Mais, pour l’heure, en ce début d’après-midi d’été, un calme indolent règne sur la place principale de la cité où est installé un bureau de vote pour l’élection des autorités locales, du gouverneur de l’Etat de Mexico (EDOMEX), ainsi que de la Chambre des députés, du Sénat et du président de la République mexicaine. La plupart des habitants a déjà participé au scrutin dès les fraîches heures de la matinée. Désormais, la Plaza del Reloj (Place de l’Horloge) appartient à de vieilles Dodge increvables qui siestent royalement le long des trottoirs, offrant leur ombre rafraîchissante aux autres habitants de la ville : les chiens errants.

A l’extérieur de l’agglomération, les champs de nopales (cactus de la famille des figuiers de barbarie auquel s’accrochent en crête les délicieuses et charnues tunas) défilent le long de l’autoroute Mexico-Tuxpan envahie de nids-de-poule, mais vide de ses usagers habituels.

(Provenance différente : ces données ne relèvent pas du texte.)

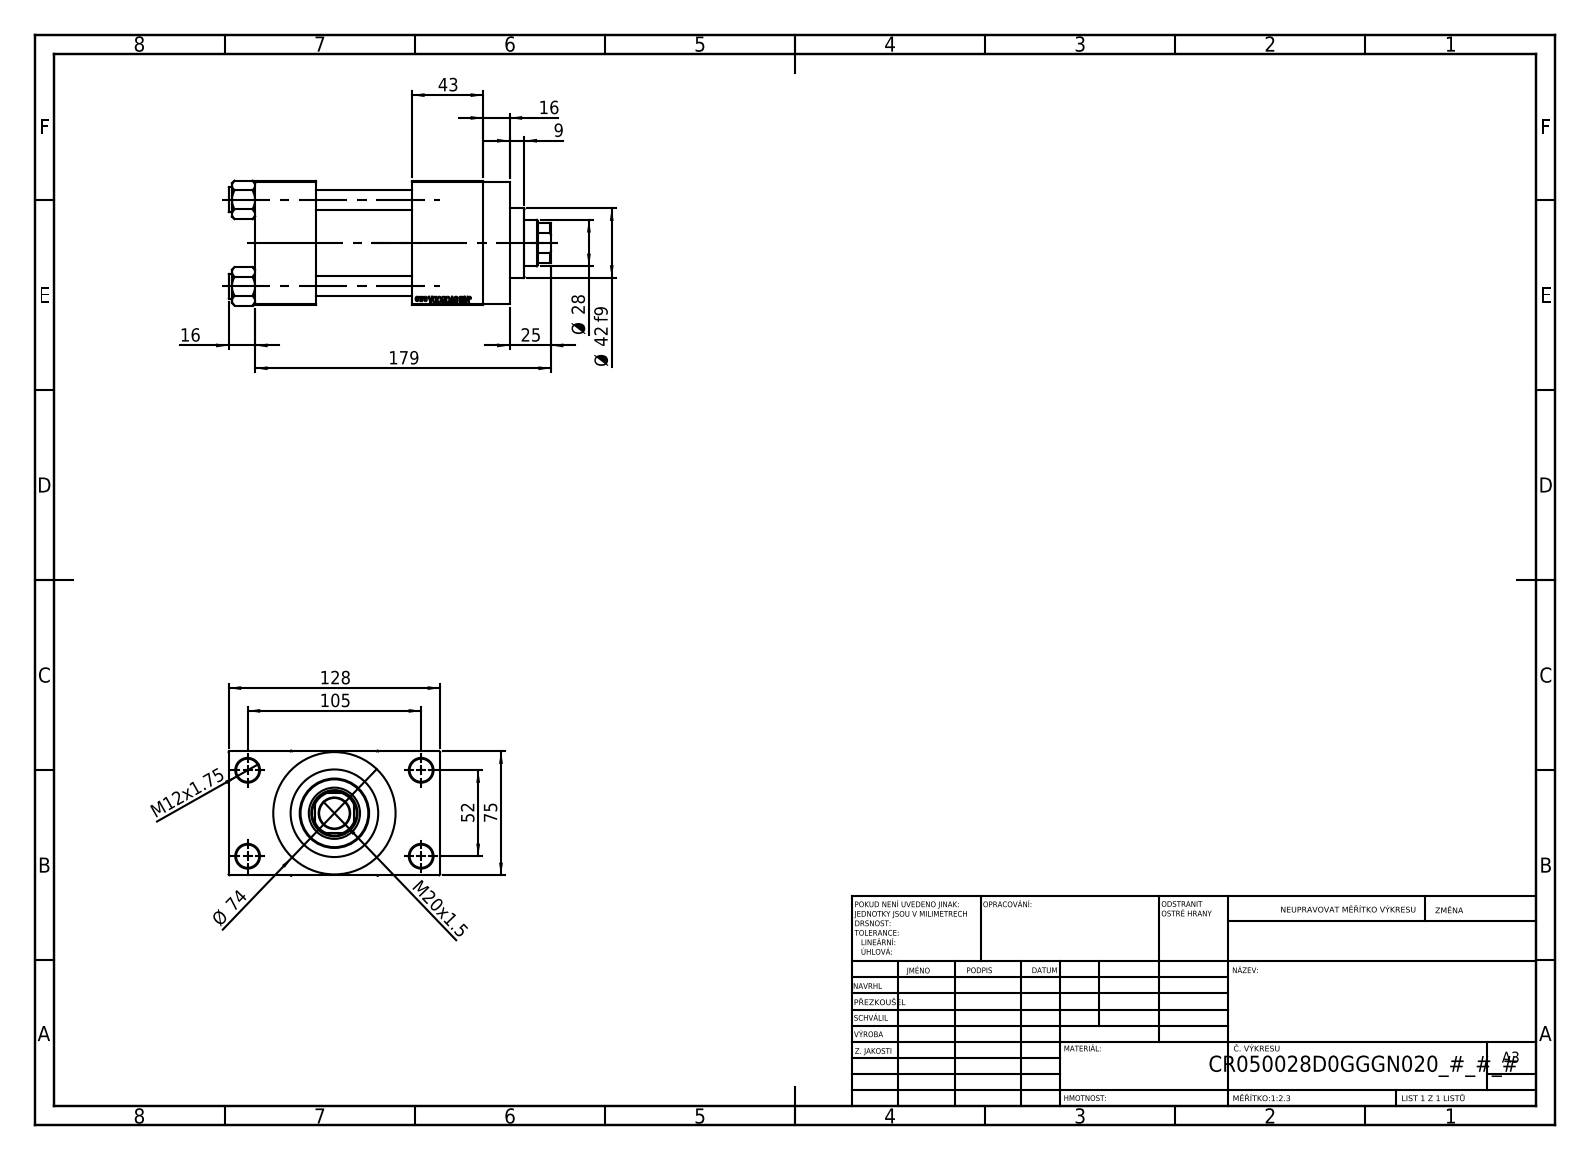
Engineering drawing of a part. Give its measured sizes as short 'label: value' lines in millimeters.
name: NUT_M5_D; V215CR_D_Body; V215CR_VCP_D; V215CR_D_TYCINKA (+1 more)
written by: SolidWorks 2019 (CONFIG_CONTROL_DESIGN)
unit: mm
bodies: 11 solids, 1104 faces (497 planar, 89 cylindrical, 518 other)
size: 195 × 128 × 75.54
volume: 815 231 mm³; area: 168 868 mm²
holes: 4× ⌀12, 4× ⌀14, 2× ⌀7, 2× ⌀20.96, 2× ⌀30, 1× ⌀18.5, 1× ⌀28, 1× ⌀31, 1× ⌀41, 1× ⌀50, 1× ⌀53
bosses: 4× ⌀15, 1× ⌀74, 1× ⌀56, 1× ⌀42
rounds: 1× R13.5
face distances: 75, 58, 37, 95, 26.5, 101.5, 138, 101, 43, 16
hole spacings: 26.35, 36.98, 52.3, 58.43, 58.59, 78.65, 94.37, 52

Andrés Manuel López Obrador, dit Amlo, lors d’un meeting à Mexico, le 24 mai. Au Mexique, le scrutin présidentiel se déroule en un seul tour. Photo Marco Ugarte. AP

Pourtant, dès 19 heures, tout change. La ville s’anime, une foule de passants surgit et s’amasse. Un bruit court, rapidement confirmé par de premiers communiqués, en particulier ceux de ses adversaires qui reconnaissent immédiatement leur défaite. Il a triomphé. « Il » ? Andres Manuel Lopez Obrador (dit AMLO). Après deux tentatives empêchées par la fraude en 2006 et 2012, l’ancien dirigeant du Parti de la révolution démocratique (PRD) – ayant rompu avec lui en 2014 pour fonder le Mouvement de régénération nationale (Morena) – remporte largement ces élections à la tête de sa coalition Juntos Haremos Historia (Ensemble, nous ferons l’histoire – JHS [1]).

 

Avec 53% des voix – 30 millions de voix – et 63 % de participation (du jamais vu au Mexique), l’ancien maire de Mexico (2000-2005) s’adjuge tous les leviers du pouvoir politique national (exécutif, puissante majorité au Congrès – à la différence, par exemple, de l’ancien président Lula au Brésil en 2002 –, dans les Etats fédérés, ville de Mexico, municipalités). 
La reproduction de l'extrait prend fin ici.